Windy City Times, The Voice of Chicago's Gay and Lesbian Community, Dec 13, 2000

Copyright © 2000 Lambda Publications Inc. All rights reserved. 

reflections

Minstrel Blood

 by Alix Dobkin

 THE GIRL'S CLUB

During third grade, precisly halfway through the Twentieth Century on Manhattan's Upper West Side, my best friend Karen and I had developed a small circle of friends in Brownies which increasingly expanded in fourth, then fifth grade. Every day after school I played ball with the boys except on Fridays when the "Girls' Club" met. We played canasta, gossiped and ate. Basically the Club revolved around those most popular with the other girls.

Nowadays postmodern queer theory might be interpreted to mean that I was a likely transgender candidate, but in fact I was merely rejecting the limits set for girls back then and got away with it. As one of the founders of the Girls' Club and the only girl the boys would accept on the ballfield, I enjoyed membership in both of the class power circles.

Membership in the 4th, and then 5th grade Girls' Club had it's pride and privileges, presenting a moral dilemma we often succeeded in overlooking. Our privilege demanded exclusion. Eventually, when Mrs. Collin confronted us with the hurtful consequences of exclusivity, we guiltily voted to open up to all the girls. The winds of change had arrived and we resigned ourselves to their inevitability.

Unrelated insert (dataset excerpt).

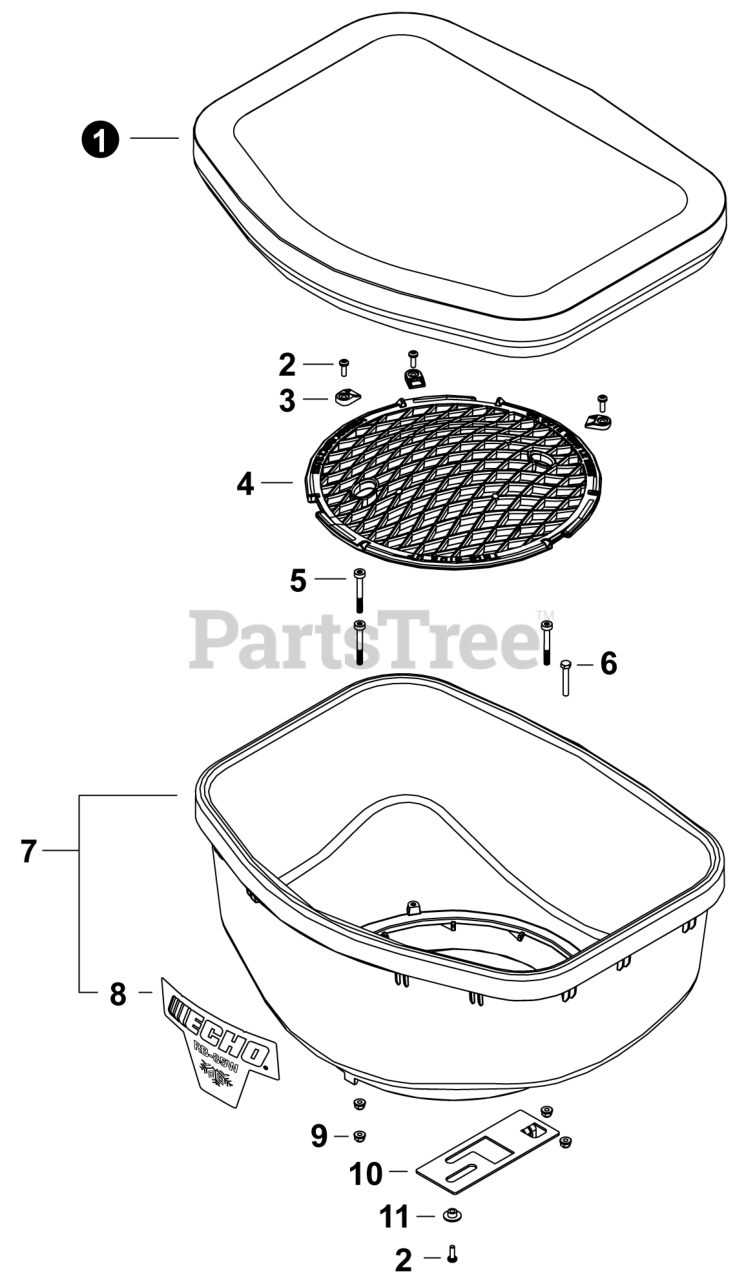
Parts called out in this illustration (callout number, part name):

And their justice. "We created shining stars and sad outcasts," Jane, a star, commented 40 years later.

During the two years before its timely end, however, the Club ruled with its own order and loyalties. Democracy pretty much reigned, crammed as we were with strong personalities. We each had our say but Nancy said more. She was pretty, had lots of charisma, and lived in a luxurious apartment with good snacks. We usually met in her comfortable, feminine, well-appointed room. Both Karen and Michaele noted something vaguely "troubled" about our social leader in retrospect, but she didn't elaborate and I wasn't close enough to see beneath Nancy's luster at the time.

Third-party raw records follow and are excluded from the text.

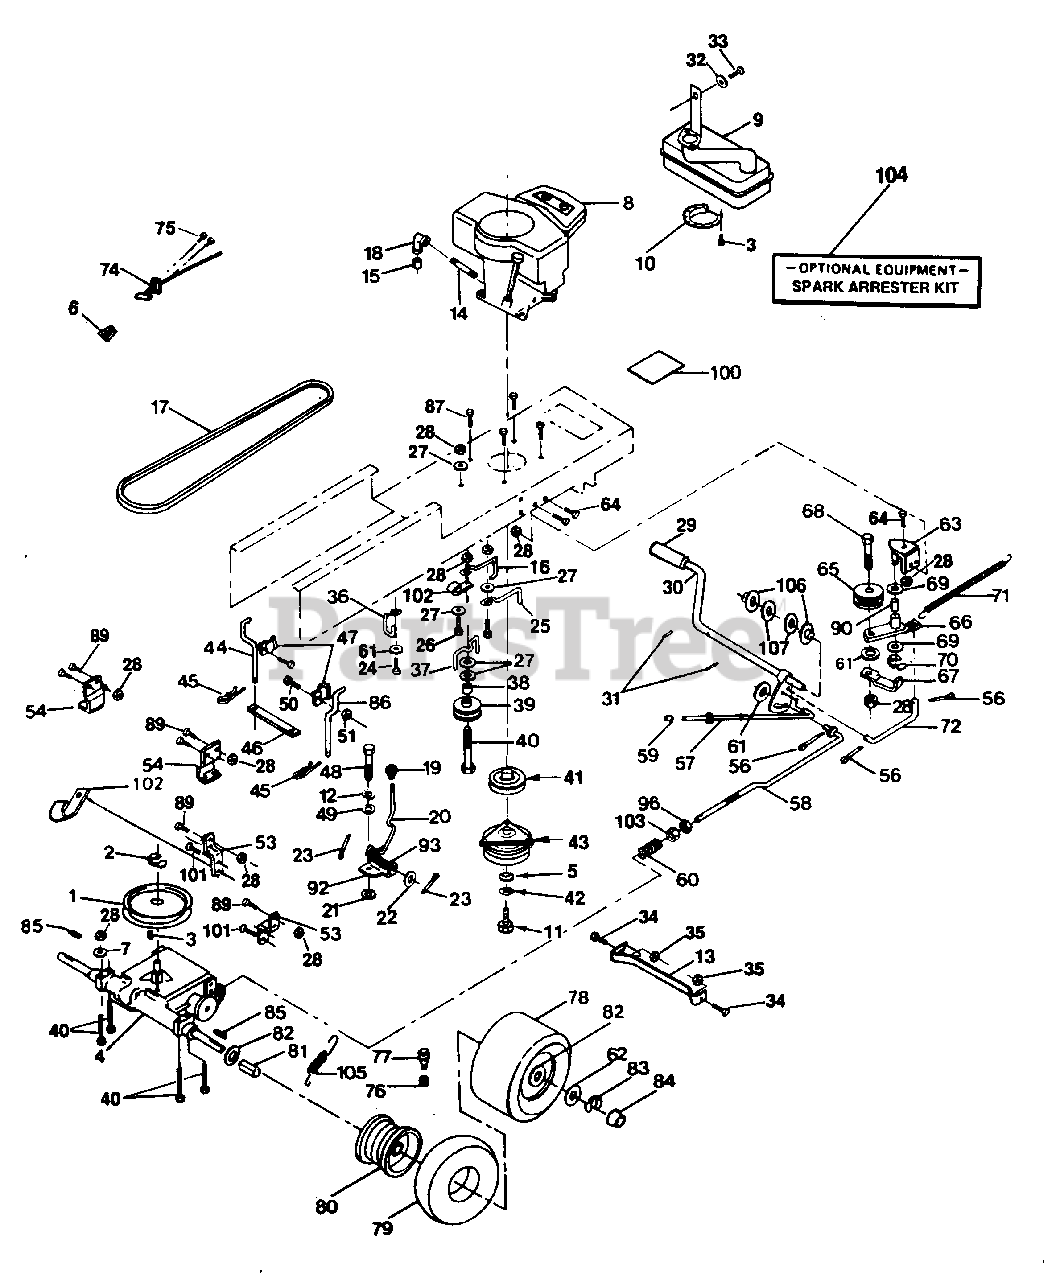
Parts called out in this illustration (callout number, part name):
1	Transaxle (Driven) Pulley (AYP part number)
2	Retainer Ring (AYP part number)
3	Spider Lock Screw (AYP part number)
4	Foote Dana 6-speed Transaxle, Model No. 4360-19 (AYP part number)
5	Washer (AYP part number)
6	Throttle Control Knob (AYP part number)
7	Washer (AYP part number)
8	14HP Kohler Command Engine
9	Muffler (AYP part number)
10	Muffler Deflector (AYP part number)
11	Hex Bolt (AYP part number)
12	Lock Washer 1/4 (AYP part number)
13	Clutch Retainer (AYP part number)
14	Pipe Nipple (AYP part number)
15	Pipe Coupling (AYP part number)
17	Drive V-Belt (AYP part number)
18	Elbow (AYP part number)
19	Knob (AYP part number)
20	Shifter Rod (AYP part number)
21	Shift Plate Washer (AYP part number)
22	Washer (AYP part number)
23	Cotter Pin 1/8 x 1 (AYP part number)
24	Thread Roll Washer Hex Screw (AYP part number)
25	Engine Belt Keeper (AYP part number)
26	Hex Bolt 3/8-16 x 1 (AYP part number)
27	Washer (AYP part number)
28	Locknut
29	Pedal Cover (AYP part number)
30	Foot Pedal Shaft (AYP part number)
31	Roll Pin (AYP part number)
32	Lock Washer (AYP part number)
33	Hex Bolt (AYP part number)
34	Carriage Bolt
35	Locknut
36	Belt Retainer (AYP part number)
37	Belt Keeper (AYP part number)
38	Spacer (AYP part number)
39	Flat Idler (AYP part number)
40	Hex Bolt 3/8-16 x 2-3/4 (AYP part number)
41	Engine Pulley (AYP part number)
42	Lock Washer 7/16 (AYP part number)
43	Electric Clutch (AYP part number)
44	L.H. Belt Keeper (AYP part number)
45	Spring Retainer (AYP part number)
46	Locator Strap (AYP part number)
47	Clamp (AYP part number)
48	Hex Bolt 1/4-28 x 3/4 (AYP part number)
49	Washer (AYP part number)
50	Hex Bolt 5/16-18 x 3/4 (AYP part number)
51	Locknut
53	Torque Strap (AYP part number)
54	Transaxle Bracket (AYP part number)
56	Cotter Pin (AYP part number)
57	Park Brake Rod (AYP part number)
58	Brake Rod (AYP part number)
59	Cap (AYP part number)
60	Brake Rod Spring (AYP part number)
61	Washer 13/32 x 13/16 x 16 Ga. (AYP part number)
62	Washer (AYP part number)
63	Clutch Bracket (AYP part number)
64	Carriage Bolt (AYP part number)
65	Idler Pulley (AYP part number)
66	Idler Arm (AYP part number)
67	Belt Retainer (AYP part number)
68	Hex Bolt 3/8-16 x 1-1/2 (AYP part number)
69	Hardened Washer (AYP part number)
70	Klip Ring (AYP part number)
71	Clutch Return Spring (AYP part number)
72	Clutch Link (AYP part number)
74	Throttle Control (AYP part number)
75	Thread Cutting Hex Screw (AYP part number)
76	Valve Cap (AYP part number)
77	Valve Stem (AYP part number)
78	Rear Tire (AYP part number)
79	Tube (Not furnished with Tractor) (AYP part number)
80	Rim (AYP part number)
81	Split Spacer (AYP part number)
82	Washer (AYP part number)
83	E-Ring (AYP part number)
84	Rear Hub Cap (AYP part number)
85	Square Key (AYP part number)
86	R.H. Belt Keeper (AYP part number)
89	Hex Bolt 3/8-16 x 3/4 (AYP part number)
90	Bearing (AYP part number)
92	Shifter Plate Assembly (AYP part number)
93	Torsion Spring (AYP part number)
96	Hex Jam Nut 3/8-16 (AYP part number)
98	Washer (AYP part number)
100	Decal (AYP part number)
101	Thread Roll Washer Hex Screw
102	Fuel Line Clip (AYP part number)
103	Locknut (AYP part number)
104	Spark Arrestor Kit (AYP part number)
105	Return Brake Spring (AYP part number)
106	Nylon Bearing (AYP part number)
107	Washer (AYP part number)

Everyone adored Mrs. Collin but we were puzzled by some of her peculiar rules. Her sweater prohibition during school outraged us. We could wear a cardigan over a blouse, but not the form-fitting angora sweaters popular at the time. The explanation I recall was that we would get "overheated." But the boys could wear them. Wouldn't they also have gotten "overheated"? When we discussed this at the reunion several theories were offered, the most likely being that she was hoping to avoid any possible display of budding little breasts. But no one could say for sure.

The girls, now approaching Mrs. Collin's venerable age then, reminisced about a unanimous vote we had taken long ago one Friday afternoon. Every girl at that meeting agreed to protest the dress code by wearing a sweater to school the following Monday. Faced with a roomful of stalwart, sweater-clad girls, we reasoned that our mis-led teacher would reconsider and withdraw her senseless ban. The issue itself was unimportant to me. I owned one sweater and couldn't care less if I wore it, but honoring my allegiance to the girls who did care in united action against injustice interested me.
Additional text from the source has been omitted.